The two published structures of the proton-activated chicken (c) ASIC1a likely capture the channel in a desensitized state (28, 35). Their ectodomains are identical and are compared to that of a hand (Fig. 2A): a wrist joins the seven-stranded β-sheet palm and disulfide-rich α-helical thumb to the TM domain, while an α-helical knuckle and finger help the palm and thumb grasp a five-stranded β-ball (35). The two structures differ in their resolution and the orientation of their TM helices. The 1.9 Å-resolution 2007 structure is derived from a non-functional channel with kinked TM helices (35), and the 3.0 Å-resolution 2009 structure (Fig. 2B, C) is of a functional cASIC1a channel with symmetrically-oriented helices (28). The higher resolution structure (35) will be used for analysis of the ectodomain, and the subsequent lower resolution structure of a functional channel (28) will be used for analysis of the TM domain.

A Dynamic Rule of Thumb

The thumb is made up of two α-helices and several structured loops (35) (Fig. 2). Five highly conserved disulfide bridges stabilize its architecture and likely lock it into a rigid rod that hinges where it connects to the base of the palm. The proximity of the thumb’s hinge to the top of the TM domain led to the proposal that this region is important for transferring gating motions from the ectodomain to the TM domain (35). Experiment supports this view (47, 64). Genetic screens identified several mutations in the thumb that disrupt touch sensation in C. elegans; many cluster at the tip, but none localize to the hinge (Fig. 2B, C). Thus, while experiments with ASICs (47) and ENaCs (64) suggest that residues in the hinge are crucial for gating, genetic screens have not recovered mutations in this region in DEGs. Instead, key regions highlighted by mutation cluster on the face of α5 that is adjacent to the finger and on the surface of the α4-α5 linker that is in contact with the β-ball (Fig. 2B).

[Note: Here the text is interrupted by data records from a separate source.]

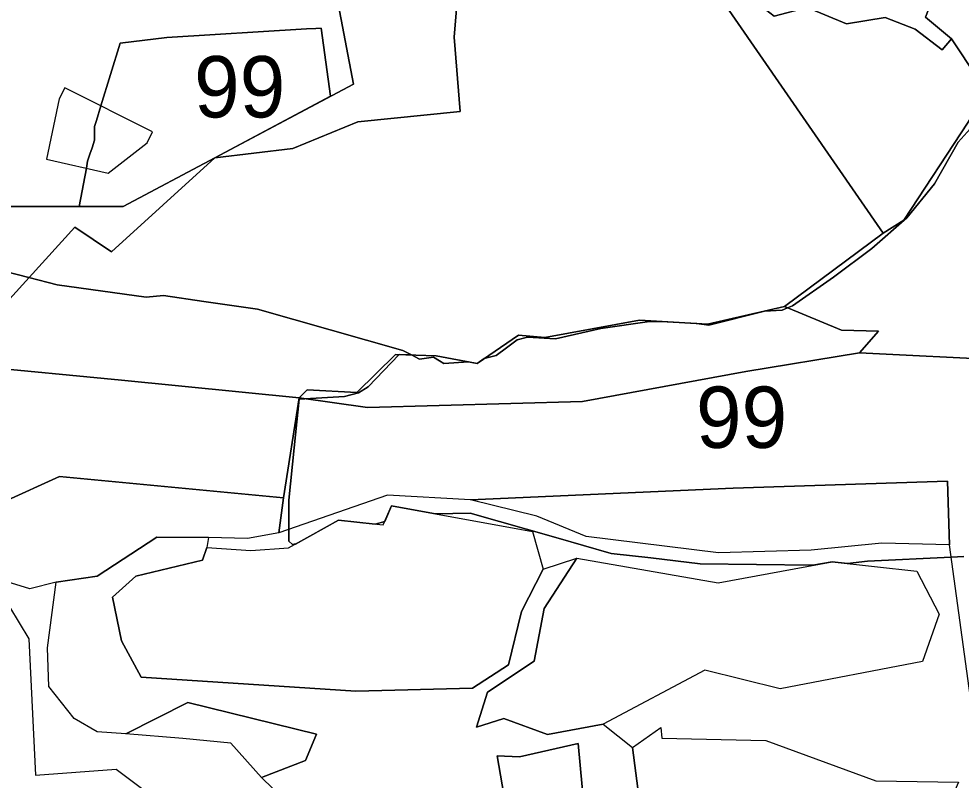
# Model space of a CAD drawing. Extents: x -477304 to -465429, y -1159113 to -1149210.
# Drawn here: x -474675.4 to -474445, y -1151917.1 to -1151730.9 of the extents above; entities that cross this region are included whole.
import ezdxf

# ---------------------------------------------------------------- set-up
doc = ezdxf.new("R2010")
doc.units = 0
for name, color, linetype in [('BPEJ_s', 7, 'Continuous'), ('PUPFL_s', 7, 'Continuous'), ('trav_porost_s', 7, 'Continuous')]:
    doc.layers.add(name, color=color, linetype=linetype)

msp = doc.modelspace()

# ---------------------------------------------------------------- linework, layer by layer
at = {"layer": 'BPEJ_s'}
for points in [[(-474627.51, -1151764.88), (-474649.9, -1151776.79), (-474660.61, -1151776.78), (-474658.89, -1151767.42), (-474658.58, -1151765.71), (-474658.01, -1151764), (-474657.48, -1151762.43), (-474656.87, -1151760.6), (-474656.87, -1151757.19), (-474656.44, -1151755.79), (-474655.34, -1151752.2), (-474650.62, -1151736.88), (-474639.18, -1151735.45), (-474605.09, -1151733.32), (-474602.75, -1151733.26), (-474601.46, -1151733.22), (-474599.2, -1151749.85)], [(-474627.51, -1151764.88), (-474599.2, -1151749.85), (-474601.46, -1151733.22), (-474602.75, -1151733.26), (-474605.09, -1151733.32), (-474639.18, -1151735.45), (-474650.62, -1151736.88), (-474655.34, -1151752.2), (-474656.44, -1151755.79), (-474656.87, -1151757.19), (-474656.87, -1151760.6), (-474657.48, -1151762.43), (-474658.01, -1151764), (-474658.58, -1151765.71), (-474658.89, -1151767.42), (-474660.61, -1151776.78), (-474649.9, -1151776.79)]]:
    msp.add_lwpolyline(points, close=True, dxfattribs=at)
for points in [[(-474442.73, -1151757.83), (-474445.71, -1151761.02), (-474451.46, -1151771.25), (-474458.28, -1151779.56), (-474466.81, -1151787.02), (-474476.18, -1151794.05), (-474486.19, -1151801.08), (-474487.4, -1151801.58), (-474488.75, -1151802.15), (-474493.02, -1151802.36), (-474506.65, -1151805.77), (-474509.57, -1151805.41), (-474518.28, -1151804.92), (-474521.14, -1151804.92), (-474533.07, -1151806.62), (-474544.15, -1151809.18), (-474550.97, -1151808.75), (-474553.53, -1151809.39), (-474556.16, -1151811.36), (-474558.64, -1151813.23), (-474561.61, -1151813.97), (-474563.35, -1151815.16), (-474565.44, -1151814.77), (-474571.43, -1151815.15), (-474572.52, -1151814.51), (-474573.98, -1151813.65), (-474577.39, -1151814.08), (-474579.41, -1151813.08), (-474581.5, -1151812.04), (-474617.02, -1151801.93), (-474630.19, -1151799.99), (-474640.04, -1151798.53), (-474644.3, -1151798.95), (-474666.03, -1151795.97), (-474672.95, -1151794.19), (-474692.37, -1151789.18)], [(-474444.3, -1151862.37), (-474447.39, -1151862.52), (-474467.87, -1151863.51), (-474472.75, -1151864.07), (-474476.5, -1151863.65), (-474481.25, -1151864.53), (-474494.97, -1151864.34), (-474508.78, -1151864.15), (-474520.88, -1151862.73), (-474530.52, -1151861.6), (-474544.04, -1151857.76), (-474565.03, -1151851.79), (-474573.49, -1151851.92), (-474584.24, -1151849.95), (-474585.91, -1151853.78), (-474588.23, -1151854.43), (-474597.23, -1151853.49), (-474607.76, -1151859.33), (-474608.09, -1151859.39), (-474608.5, -1151859.47), (-474609.35, -1151858.61), (-474609.35, -1151855.74), (-474609.35, -1151848.6), (-474608.04, -1151835.78), (-474606.82, -1151823.89), (-474605.45, -1151823.81), (-474595.72, -1151823.24), (-474592.31, -1151822.39), (-474589.96, -1151820.9), (-474582.39, -1151812.97), (-474579.41, -1151813.08), (-474577.39, -1151814.08), (-474573.98, -1151813.65), (-474572.52, -1151814.51), (-474571.43, -1151815.15), (-474565.44, -1151814.77), (-474563.35, -1151815.16), (-474561.61, -1151813.97), (-474558.64, -1151813.23), (-474556.16, -1151811.36), (-474553.53, -1151809.39), (-474550.97, -1151808.75), (-474544.15, -1151809.18), (-474533.07, -1151806.62), (-474521.14, -1151804.92), (-474518.28, -1151804.92), (-474509.57, -1151805.41), (-474506.65, -1151805.77), (-474493.02, -1151802.36), (-474488.75, -1151802.15), (-474487.4, -1151801.58), (-474486.19, -1151801.08), (-474476.18, -1151794.05), (-474466.81, -1151787.02), (-474458.28, -1151779.56), (-474451.46, -1151771.25), (-474445.71, -1151761.02), (-474442.73, -1151757.83)], [(-474692.37, -1151789.18), (-474672.95, -1151794.19), (-474666.03, -1151795.97), (-474644.3, -1151798.95), (-474640.04, -1151798.53), (-474630.19, -1151799.99), (-474617.02, -1151801.93), (-474581.5, -1151812.04), (-474579.41, -1151813.08), (-474582.39, -1151812.97), (-474589.96, -1151820.9), (-474592.31, -1151822.39), (-474595.72, -1151823.24), (-474605.45, -1151823.81), (-474606.82, -1151823.89), (-474608.04, -1151835.78), (-474609.35, -1151848.6), (-474609.35, -1151855.74), (-474609.35, -1151858.61), (-474608.5, -1151859.47), (-474608.09, -1151859.39), (-474607.76, -1151859.33), (-474597.23, -1151853.49), (-474588.23, -1151854.43), (-474585.91, -1151853.78), (-474584.24, -1151849.95), (-474573.49, -1151851.92), (-474565.03, -1151851.79), (-474544.04, -1151857.76), (-474530.52, -1151861.6), (-474520.88, -1151862.73), (-474508.78, -1151864.15), (-474494.97, -1151864.34), (-474481.25, -1151864.53), (-474476.5, -1151863.65), (-474472.75, -1151864.07), (-474467.87, -1151863.51), (-474447.39, -1151862.52), (-474444.3, -1151862.37)]]:
    msp.add_lwpolyline(points, dxfattribs=at)
at = {"layer": 'PUPFL_s'}
for points in [[(-474649.9, -1151776.79), (-474678.65, -1151776.77), (-474701.57, -1151797.49), (-474696.32, -1151813.25), (-474711.41, -1151806.43), (-474725.47, -1151704.66), (-474741.78, -1151682.48), (-474747.54, -1151672.16), (-474712.94, -1151657.16), (-474711, -1151677.8), (-474704.74, -1151691.45), (-474687.73, -1151697.22), (-474651.73, -1151697.01), (-474630.63, -1151692.58), (-474616.43, -1151692.44), (-474609.67, -1151693.88), (-474605.18, -1151694.83), (-474598.72, -1151693.87), (-474599.66, -1151714.73), (-474593.52, -1151746.84), (-474627.51, -1151764.88)], [(-474665.52, -1151750.46), (-474668.6, -1151765.19), (-474653.59, -1151768.64), (-474644.05, -1151761.2), (-474642.71, -1151758.52), (-474664.17, -1151747.78)], [(-474433.84, -1151814.39), (-474469.82, -1151812.56), (-474465.18, -1151807.28), (-474474.23, -1151807.05), (-474488.18, -1151801.26), (-474464.01, -1151783.3), (-474458.96, -1151780.13), (-474443.26, -1151756.18), (-474418.51, -1151755.86), (-474396.61, -1151754.94), (-474392.34, -1151754.77), (-474398.24, -1151757.83), (-474397.02, -1151816.25), (-474428.21, -1151814.67)], [(-474474.23, -1151807.05), (-474465.18, -1151807.28), (-474469.82, -1151812.56), (-474497.63, -1151817.12), (-474537.55, -1151824.5), (-474590.13, -1151825.93), (-474606.88, -1151823.61), (-474604.85, -1151821.64), (-474592.77, -1151822.28), (-474583.27, -1151812.94), (-474573.31, -1151813.31), (-474563.35, -1151815.16), (-474553.21, -1151808.23), (-474546.79, -1151808.83), (-474523.6, -1151804.62), (-474507, -1151805.55), (-474488.18, -1151801.26)], [(-474433.84, -1151814.39), (-474428.21, -1151814.67), (-474415.6, -1151829.78), (-474400.52, -1151852.44), (-474402.05, -1151888.8), (-474432.21, -1151913.11), (-474442.39, -1151898.7), (-474447.8, -1151859.52), (-474448.29, -1151843.96), (-474500.72, -1151845.67), (-474564.91, -1151848.48), (-474585.22, -1151847.38), (-474611.8, -1151856.59), (-474610.64, -1151848.05), (-474606.88, -1151823.61), (-474590.13, -1151825.93), (-474537.55, -1151824.5), (-474497.63, -1151817.12), (-474469.82, -1151812.56)], [(-474481.67, -1151860.82), (-474504.3, -1151861.47), (-474536.66, -1151857.48), (-474548.75, -1151852.51), (-474564.91, -1151848.48), (-474500.72, -1151845.67), (-474448.29, -1151843.96), (-474447.8, -1151859.52), (-474464.33, -1151859.11)], [(-474605.31, -1151912.26), (-474616.09, -1151916.41), (-474623.54, -1151908.02), (-474635.3, -1151906.88), (-474649.23, -1151905.74), (-474634.04, -1151898.09), (-474602.62, -1151905.78)]]:
    msp.add_lwpolyline(points, close=True, dxfattribs=at)
at = {"layer": 'trav_porost_s'}
for points in [[(-474506.22, -1151722.18), (-474523.03, -1151697.83), (-474535.31, -1151679.87), (-474536.77, -1151677.76), (-474545.76, -1151664.64), (-474544.09, -1151654.74), (-474521.57, -1151669.37), (-474511.44, -1151680.88), (-474521.63, -1151694.55), (-474507.16, -1151704.54), (-474487.44, -1151717.87), (-474471.13, -1151728.59), (-474451.84, -1151717.58), (-474450.25, -1151721.7), (-474453.66, -1151730.46), (-474447.28, -1151735.82), (-474449.6, -1151738.51), (-474456.17, -1151733.4), (-474463.54, -1151730.6), (-474472.96, -1151732.16), (-474482.6, -1151728.17), (-474490.67, -1151730.27), (-474496, -1151726.07)], [(-474570.32, -1151702.02), (-474547.33, -1151699.06), (-474547.06, -1151691.56), (-474543.48, -1151689.34), (-474539.93, -1151696.18), (-474542.68, -1151704.1), (-474551.45, -1151711.48), (-474567.82, -1151721.49), (-474568.92, -1151735.39), (-474567.44, -1151753.59), (-474592.53, -1151756.12), (-474608.38, -1151762.64), (-474627.51, -1151764.88), (-474593.52, -1151746.84), (-474599.66, -1151714.73), (-474581.62, -1151710.7)], [(-474441.09, -1151752.57), (-474440.88, -1151745.46), (-474447.28, -1151735.82), (-474453.66, -1151730.46), (-474450.25, -1151721.7), (-474437.5, -1151716.11), (-474410.01, -1151742.21), (-474418.51, -1151755.86), (-474443.26, -1151756.18)], [(-474449.6, -1151738.51), (-474447.28, -1151735.82), (-474440.88, -1151745.46), (-474441.09, -1151752.57), (-474443.26, -1151756.18), (-474458.96, -1151780.13), (-474464.01, -1151783.3), (-474506.22, -1151722.18), (-474496, -1151726.07), (-474490.67, -1151730.27), (-474482.6, -1151728.17), (-474472.96, -1151732.16), (-474463.54, -1151730.6), (-474456.17, -1151733.4)], [(-474692.08, -1151815.23), (-474696.32, -1151813.25), (-474701.57, -1151797.49), (-474678.65, -1151776.77), (-474649.9, -1151776.79), (-474627.51, -1151764.88), (-474652.74, -1151787.84), (-474661.7, -1151781.81)], [(-474679.11, -1151849.03), (-474665.45, -1151842.81), (-474610.64, -1151848.05), (-474611.8, -1151856.59), (-474619.49, -1151858.01), (-474629.03, -1151857.7), (-474641.68, -1151857.62), (-474656.28, -1151867.22), (-474666.3, -1151868.61), (-474672.72, -1151870.25), (-474690, -1151864.97), (-474744.17, -1151858.11), (-474759.29, -1151859.94), (-474751.1, -1151847.17), (-474763.59, -1151826), (-474751.68, -1151810.2), (-474740.89, -1151815.63), (-474747.85, -1151815.45), (-474748.44, -1151826.11), (-474714.09, -1151841.05), (-474697.24, -1151845.84)], [(-474679.11, -1151849.03), (-474697.24, -1151845.84), (-474714.09, -1151841.05), (-474748.44, -1151826.11), (-474747.85, -1151815.45), (-474740.89, -1151815.63), (-474722.07, -1151818.42), (-474696.06, -1151819.69), (-474686.03, -1151815.81), (-474650.28, -1151819.22), (-474606.88, -1151823.61), (-474610.64, -1151848.05), (-474665.45, -1151842.81)], [(-474555.69, -1151888.84), (-474564.44, -1151894.58), (-474593.01, -1151895.32), (-474645.48, -1151891.89), (-474650.33, -1151882.98), (-474652.53, -1151872.33), (-474646.79, -1151867.22), (-474630.52, -1151863.24), (-474629.4, -1151860.15), (-474618.64, -1151860.94), (-474609.48, -1151860.29), (-474597.23, -1151853.49), (-474586.28, -1151854.63), (-474584.24, -1151849.95), (-474549.8, -1151856.26), (-474547.16, -1151865.44), (-474552.49, -1151875.81)], [(-474546.08, -1151905.86), (-474556.79, -1151901.95), (-474563.46, -1151904.11), (-474560.82, -1151895.56), (-474549.38, -1151887.94), (-474546.91, -1151875.08), (-474538.98, -1151862.78), (-474504.42, -1151868.8), (-474476.5, -1151863.65), (-474455.76, -1151865.97), (-474450.34, -1151876.48), (-474454.37, -1151888.07), (-474489.18, -1151894.7), (-474507.66, -1151890.18), (-474532.49, -1151903.38)], [(-474525.32, -1151909.04), (-474518.44, -1151904.19), (-474518.12, -1151906.8), (-474492.7, -1151907.35), (-474465.83, -1151917.21), (-474445.64, -1151917.55), (-474467.01, -1151966.52), (-474507.76, -1151963.43), (-474518.79, -1151959.31)], [(-474554.69, -1151932.85), (-474558.39, -1151911.11), (-474552.97, -1151911.38), (-474538.64, -1151908.09), (-474536.58, -1151930.18)], [(-474536.58, -1151930.18), (-474538.64, -1151908.09), (-474552.97, -1151911.38), (-474558.39, -1151911.11), (-474554.69, -1151932.85)]]:
    msp.add_lwpolyline(points, close=True, dxfattribs=at)
for points in [[(-474692.08, -1151815.23), (-474661.7, -1151781.81), (-474652.74, -1151787.84), (-474627.51, -1151764.88), (-474608.38, -1151762.64), (-474592.53, -1151756.12), (-474567.44, -1151753.59), (-474568.92, -1151735.39), (-474567.82, -1151721.49)], [(-474506.22, -1151722.18), (-474464.01, -1151783.3), (-474488.18, -1151801.26), (-474507, -1151805.55), (-474523.6, -1151804.62), (-474546.79, -1151808.83), (-474553.21, -1151808.23), (-474563.35, -1151815.16), (-474573.31, -1151813.31), (-474583.27, -1151812.94), (-474592.77, -1151822.28), (-474604.85, -1151821.64), (-474606.88, -1151823.61), (-474650.28, -1151819.22), (-474686.03, -1151815.81)], [(-474610.56, -1151921.67), (-474616.09, -1151916.41), (-474605.31, -1151912.26), (-474602.62, -1151905.78), (-474634.04, -1151898.09), (-474649.23, -1151905.74), (-474656.27, -1151905.25), (-474661.84, -1151901.95), (-474668.07, -1151894.18), (-474668.41, -1151884.67), (-474666.3, -1151868.61), (-474656.28, -1151867.22), (-474641.68, -1151857.62), (-474629.03, -1151857.7), (-474629.4, -1151860.15), (-474630.52, -1151863.24), (-474646.79, -1151867.22), (-474652.53, -1151872.33), (-474650.33, -1151882.98), (-474645.48, -1151891.89), (-474593.01, -1151895.32), (-474564.44, -1151894.58), (-474555.69, -1151888.84), (-474552.49, -1151875.81), (-474547.16, -1151865.44), (-474538.98, -1151862.78), (-474546.91, -1151875.08), (-474549.38, -1151887.94), (-474560.82, -1151895.56), (-474563.46, -1151904.11), (-474556.79, -1151901.95), (-474546.08, -1151905.86), (-474532.49, -1151903.38), (-474525.32, -1151909.04), (-474518.79, -1151959.31)], [(-474694.44, -1151919), (-474689.5, -1151908.36), (-474681.75, -1151909.05), (-474683.33, -1151897.18), (-474682.37, -1151885.52), (-474690, -1151864.97), (-474677.65, -1151874.64), (-474672.92, -1151882.53), (-474671.35, -1151915.87), (-474651.6, -1151914.36), (-474644.12, -1151919.99)]]:
    msp.add_lwpolyline(points, dxfattribs=at)

# ---------------------------------------------------------------- texts
at = {"layer": 'BPEJ_s'}
for p in [(-474632.55, -1151755.01), (-474509.81, -1151835.82)]:
    msp.add_text('99', height=15, dxfattribs=at).set_placement(p)

doc.saveas('drawing.dxf')

Among the mutations that map onto the thumb domain, only one is a gain-of function mutation presumed to induce channel hyperactivation. This residue, UNC-8 A586T, is predicted to be at the tip of α5 (66) (Fig. 2B, 3). Gessmann et al. (27) proposed that the increase in steric bulk or the presence of a novel hydrogen-bonding partner might account for the change in function induced by this mutation. Mutations at the tip of α5 in cASIC1a also affect channel gating: cASIC1a P338A displays decreased proton sensitivity, a change attributed to disruptions of a favorable hydrophobic interaction between the thumb and the finger (70). A screen for suppression of hyperactivation caused by the MEC-4 d mutation (57) identified a mutation one turn down α5, MEC-4 R619L (Fig. 2B, 3), that suppresses degeneration. This finding suggests that this residue plays an important role in the open state. Neighboring this residue is a histidine linked to zinc potentiation of rat (r) ASIC2a-containing channels (6). The next two turns down α5 contain aspartates critical to proton sensitivity in cASIC1a, D346 and D350 (35, 70) (Fig. 3). These two aspartates are likely involved in proton-dependent carboxyl-carboxylate interactions with residues in the finger (35).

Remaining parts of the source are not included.